Alizhan has lived a life of isolation, unable to connect with or touch people because her telepathic powers cause immense pain to those she comes into contact with. Her only solace has been the woman who saved her from an orphanage, the noblewoman Iriyat, and a friend she’s never spoken with but steals thornfruit from once a week. This friend, Evreyet, has grown fond of the fruit thief, and uncomfortably aware of her own growing attraction to women. When Alizhan discovers a dark secret, she has no one else to turn to and the two must risk everything to unravel the mystery and save countless lives.
Cobie has played the same character in the same romance films too many times. Now she wants to step out of her comfort zone and try for more challenging roles, but studios won’t take her seriously. Her manager proposes that she has a fake relationship with Lila, a pop star on top of the mountain of fame and fortune, but who has run out of new things to excite and shock her audience. This fauxmance will help Cobie acquire an edgy public persona and give Lila something new to woo the public for her new music. But this arrangement has more challenges than either expects as they grow close, sparks fly, and old ghosts of the past come back to haunt them both.
Aster is an intersex, nonbinary scientist, assistant, and sharecropper living on the USS Matilda, a worldship split into two factions: the white upper-deckers who have control over everything and everyone, and the black lower-deckers who’s exploited labor the ship runs on. Her mother died when she was only a baby, but through the journals she left, Aster might be able to find a way off the ship. Aster is not the only queer character, as a lot of the lower-deckers are not cisgender and/or not straight, which is treated as a norm in their many communities (each lower deck has its own society).
In this memoir, Ma-Nee Chacaby chronicles her life as an Ojibwa-Cree lesbian. She faces racism, abuse, vision impairment, and alcoholism, but continues forward to sobriety, raising many children through her own marriage and foster care, and becoming an elder in her adopted city of Thunder Bay, Ontario. She describes herself as two-spirit and as having both male and female spirit within herself. Through a life full of challenges, Chacaby not only survives, but thrives through finding love of herself and her community.
This is an alternate history novel in which groups of marginalized people come together to fight back against one of history’s most brutal oppressors, Belgian King Leopold II, who colonized the Congo.

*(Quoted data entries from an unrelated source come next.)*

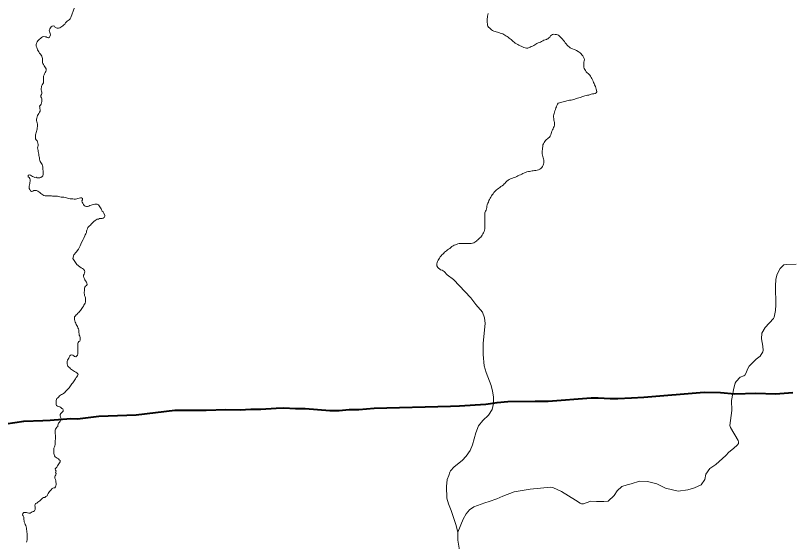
# Model space of a CAD drawing. Extents: x -1643653 to 4543381, y 1624270 to 13878484.
# Drawn here: x 610410 to 612033, y 8911990 to 8913088 of the extents above; entities that cross this region are included whole.
import ezdxf

# ---------------------------------------------------------------- set-up
doc = ezdxf.new("R2010")
doc.units = 0
doc.header["$LTSCALE"] = 160
doc.layers.add('6', color=7, linetype='Continuous', lineweight=13)
doc.layers.add('60', color=7, linetype='Continuous', lineweight=13)

msp = doc.modelspace()

# ---------------------------------------------------------------- linework, layer by layer
at = {"layer": '6'}
for points in [[(610533.2, 8913105.3), (610525.4, 8913084.2)], [(611397.7, 8913092.6), (611396.8, 8913089.8), (611396.4, 8913087.2), (611396, 8913084.5), (611395.7, 8913081.9), (611395.7, 8913079.2), (611395.7, 8913078.9)], [(610525.4, 8913084.2), (610525.2, 8913084), (610523.8, 8913081.7), (610522, 8913079.7), (610520.1, 8913078.1), (610517.9, 8913076.8), (610516.1, 8913074.9), (610514.3, 8913072.9), (610512.9, 8913070.6), (610511.1, 8913068.7), (610509, 8913066.9), (610506.9, 8913065.2), (610504.8, 8913063.8), (610502.6, 8913062.7), (610500.1, 8913062.3), (610497.2, 8913062.1), (610495, 8913062.6), (610492.6, 8913063.5), (610491.2, 8913065.9), (610489, 8913067.2), (610486.6, 8913066.3), (610484.7, 8913064.7), (610482.8, 8913062.8), (610481.3, 8913060.5), (610480.3, 8913058.2), (610480.7, 8913055.6), (610481.7, 8913053.3), (610482.2, 8913050.7), (610482.8, 8913048.2), (610482.2, 8913045.7), (610480.8, 8913043.5), (610478.9, 8913041.8), (610476.4, 8913042.4), (610474.2, 8913043.6), (610471.6, 8913044), (610469.1, 8913044.3), (610466.4, 8913044), (610464.5, 8913042.3), (610462.4, 8913040.8), (610460.3, 8913039.3), (610458.4, 8913037.4), (610456.6, 8913035.5), (610455.2, 8913033.2), (610454.1, 8913030.7), (610453.4, 8913027.8), (610453.2, 8913024.5), (610454.2, 8913022), (610454.9, 8913019.4), (610455.8, 8913017), (610457, 8913014.7), (610458.5, 8913012.5), (610460.3, 8913009.9), (610461.9, 8913007.7), (610463.3, 8913005.6), (610464.7, 8913003.4), (610465.7, 8913001.1), (610466.5, 8912998.6), (610466.2, 8912995.8), (610466, 8912993.3), (610466, 8912990.6), (610466.7, 8912988.2), (610468.1, 8912985.8), (610469.7, 8912983.7), (610471.1, 8912981.4), (610472.7, 8912979.4)], [(611395.7, 8913078.9), (611395.6, 8913076.5), (611395.7, 8913073.8), (611396, 8913071.1), (611396.2, 8913068.6), (611397, 8913066), (611398.5, 8913063.9), (611400.7, 8913062.2), (611402.5, 8913060.4), (611404.7, 8913058.6), (611406.9, 8913057.2), (611409.4, 8913056.1), (611411.9, 8913055.3), (611414.3, 8913054.5), (611417.4, 8913053.4), (611420, 8913052.7), (611422.7, 8913051.8), (611425.5, 8913050.9), (611428.1, 8913050.1), (611430.4, 8913049), (611432.6, 8913047.7), (611434.7, 8913046.2), (611437.3, 8913044.6), (611439.4, 8913043), (611441.7, 8913041.3), (611443.8, 8913039.7), (611445.7, 8913038.1), (611448, 8913036.2), (611449.9, 8913034.5), (611452.1, 8913032.6), (611454.1, 8913030.9), (611456.5, 8913029.3), (611459.3, 8913027.7), (611461.8, 8913026.6), (611464.3, 8913025.3), (611466.6, 8913024.2), (611469.6, 8913022.7), (611472.2, 8913021.6), (611475.1, 8913021), (611477.7, 8913020.6), (611480.2, 8913020.6), (611482.9, 8913021.6), (611485.4, 8913022.6), (611487.7, 8913023.6), (611490.2, 8913024.5), (611492.8, 8913025.7), (611495.1, 8913027), (611497.1, 8913028.5), (611499.5, 8913029.9), (611502, 8913031.3), (611504.6, 8913032), (611507.2, 8913032.7), (611509.2, 8913034.3), (611511.5, 8913035.9), (611514, 8913036.9), (611516.8, 8913037.4), (611519.3, 8913038.6), (611520, 8913038.8), (611522.3, 8913040.1), (611524.5, 8913041.8), (611526.4, 8913043.5), (611528.1, 8913045.8), (611529.9, 8913047.7), (611532.3, 8913049), (611534.8, 8913049.2)], [(611534.8, 8913049.2), (611537.3, 8913048.8), (611540, 8913048.5), (611542.5, 8913048.3), (611544.8, 8913047.1), (611546.9, 8913045.1), (611548.7, 8913043.4), (611551.1, 8913041.3), (611552.8, 8913039.4), (611555.1, 8913036.4), (611556.8, 8913034.2), (611558.5, 8913031.5), (611560.3, 8913029.1), (611562.5, 8913026.8), (611564.6, 8913024.6), (611566.6, 8913022.8), (611568.8, 8913021.3), (611571.4, 8913019.7), (611574.1, 8913018.7), (611577, 8913017.7), (611579.6, 8913016.7), (611582.4, 8913015.1)], [(611582.4, 8913015.1), (611585.3, 8913013.1), (611587.7, 8913011.9), (611589.8, 8913010.3), (611591.8, 8913008.4), (611593.6, 8913006.2), (611595.2, 8913004.2), (611596.8, 8913001.8), (611598.2, 8912998.9), (611598.5, 8912996.2), (611598, 8912993.7), (611597.6, 8912991.2), (611597.5, 8912988.7), (611597.5, 8912985.6), (611597.4, 8912982.9), (611597.5, 8912980.4), (611598, 8912977.9), (611599.4, 8912975.5), (611600.7, 8912973.4), (611602.5, 8912971), (611604.1, 8912968.9), (611606.2, 8912967.2), (611608.2, 8912965.7), (611610, 8912963.7), (611611.6, 8912961.6), (611613.1, 8912959.3), (611614.4, 8912957.1), (611615.5, 8912954.4), (611616.7, 8912951.6), (611617.8, 8912948.7), (611618.8, 8912946.4), (611620, 8912943.5), (611621.5, 8912939.9), (611622.6, 8912937.4), (611623.5, 8912934.9), (611624.2, 8912932.3), (611624.4, 8912929.4), (611623.5, 8912927), (611621.1, 8912925.6), (611618.3, 8912925.2), (611615.7, 8912924.9), (611613.1, 8912924.1), (611610.4, 8912923.3), (611607.7, 8912922.4), (611604.8, 8912921.8), (611602.4, 8912921.2), (611599.8, 8912920.6), (611597.3, 8912920), (611594.7, 8912919), (611592.2, 8912917.8), (611589.6, 8912917), (611586.9, 8912916.3), (611583.9, 8912915.7), (611581.2, 8912915), (611578.8, 8912914), (611576.2, 8912913), (611573.7, 8912912.3), (611570.8, 8912911.9), (611567.5, 8912911.6), (611564.6, 8912910.8), (611561.9, 8912910.3), (611559.5, 8912909.7), (611556.7, 8912908.9), (611554.1, 8912908.1), (611551.6, 8912907.6)], [(610472.7, 8912979.4), (610474.1, 8912977.1), (610474.3, 8912974.6), (610473.3, 8912971.7), (610472.1, 8912969.3), (610470.7, 8912966.8), (610469.7, 8912964.4), (610468.6, 8912962), (610468.2, 8912959.3), (610468.7, 8912956.7), (610468.7, 8912954.1), (610468.7, 8912951.1), (610468.2, 8912948.2), (610466.8, 8912945.8), (610465.7, 8912943.4), (610464.4, 8912941.1), (610463.9, 8912938.6), (610463.8, 8912936), (610463.7, 8912933.4), (610464, 8912930.7), (610465.1, 8912928.2), (610465.2, 8912925.7), (610463.9, 8912923.4), (610462.9, 8912921.1), (610462.7, 8912918.6), (610464.4, 8912916.8), (610465.1, 8912914.2), (610465.1, 8912911.5), (610465, 8912908.8), (610464.4, 8912906.3), (610463.5, 8912903.5), (610461.8, 8912901.5), (610460.4, 8912899.3), (610460.5, 8912896.7), (610460.9, 8912894.1), (610461.2, 8912891.5), (610461.1, 8912889)], [(611551.6, 8912907.6), (611549.1, 8912906.8), (611546.5, 8912906.4), (611544.1, 8912905.3), (611542.3, 8912903.2), (611541.3, 8912900.8), (611540.1, 8912897.8), (611539.2, 8912895.4), (611538.1, 8912892.1), (611537, 8912889.5), (611536.2, 8912886.6), (611535.8, 8912884), (611534.9, 8912881.6), (611534.4, 8912879.1), (611534.4, 8912875.9), (611534.5, 8912873.1), (611534.8, 8912870.2), (611535.5, 8912867.5), (611535.9, 8912864.7), (611536.2, 8912862.1), (611536.2, 8912859.5), (611535.4, 8912856.9), (611534.4, 8912854.6), (611533.1, 8912851.8), (611531.8, 8912849.5), (611530.6, 8912846.9), (611529.7, 8912844.3), (611529.1, 8912841.9), (611528.2, 8912839), (611526.9, 8912836.3), (611525.5, 8912834.1), (611523.2, 8912832.4), (611521.2, 8912830.7), (611519.2, 8912829.2), (611517.3, 8912827.2), (611515.8, 8912825.1), (611514.4, 8912823)], [(610461.1, 8912889), (610460.2, 8912886.6), (610459, 8912884.1), (610457.3, 8912881.8), (610456.1, 8912879.3), (610455.2, 8912876.8), (610454.5, 8912874.4), (610454.1, 8912871.8), (610453.8, 8912869.2), (610454.6, 8912866.6), (610455.5, 8912864), (610455.9, 8912861.6), (610456.1, 8912859), (610455.8, 8912856.5), (610455.5, 8912853.8), (610455.1, 8912851.4), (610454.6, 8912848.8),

The story follows episodic chapters with different characters from the 1880s until World War I. There are a wide range of point-of-view characters the story follows, including three queer women. Here, the author explores what might have happened had the natives of the land had access to steam technology and united with immigrants from other lands (from escaped slaves of the Americas to a Chinese inventor).
Kaede and Taisin are chosen to journey into the land of the Fairy Queen to save their world permanently set in darkness with strange creatures roaming the land. Kaede is an exemplary fighter and more comfortable with earthly reality, whereas Taisin is an excellent sage and more practiced in the art of magic. Though they are different, their travels and challenges bring them closer together, but it might not be enough to bring peace back to the land.